## Stored records
- Opening Delimiter -

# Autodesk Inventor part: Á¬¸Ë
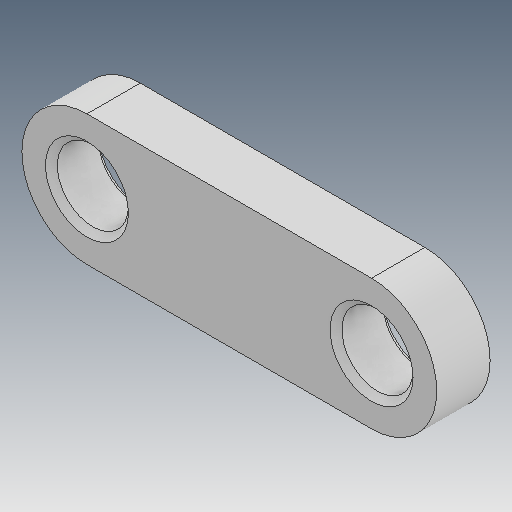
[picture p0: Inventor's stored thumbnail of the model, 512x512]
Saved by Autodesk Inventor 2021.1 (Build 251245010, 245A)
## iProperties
Created: 2019-04
Part Number: Á¬¸Ë
Material: Ogólny
Document SubType Name: Modeling
Designer: user
Density: 1 g/cm^3
Appearance: Domyślna
Author: user
Revision Number: ÈÎºÎ
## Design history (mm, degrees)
feature "ÊäÈë1"
node "Bryła1"

- Closing Delimiter -

## Assigned task
Filter the records above for lines containing the word "Autodesk", and copy those lines.

## Result of the exercise
# Autodesk Inventor part: Á¬¸Ë
Saved by Autodesk Inventor 2021.1 (Build 251245010, 245A)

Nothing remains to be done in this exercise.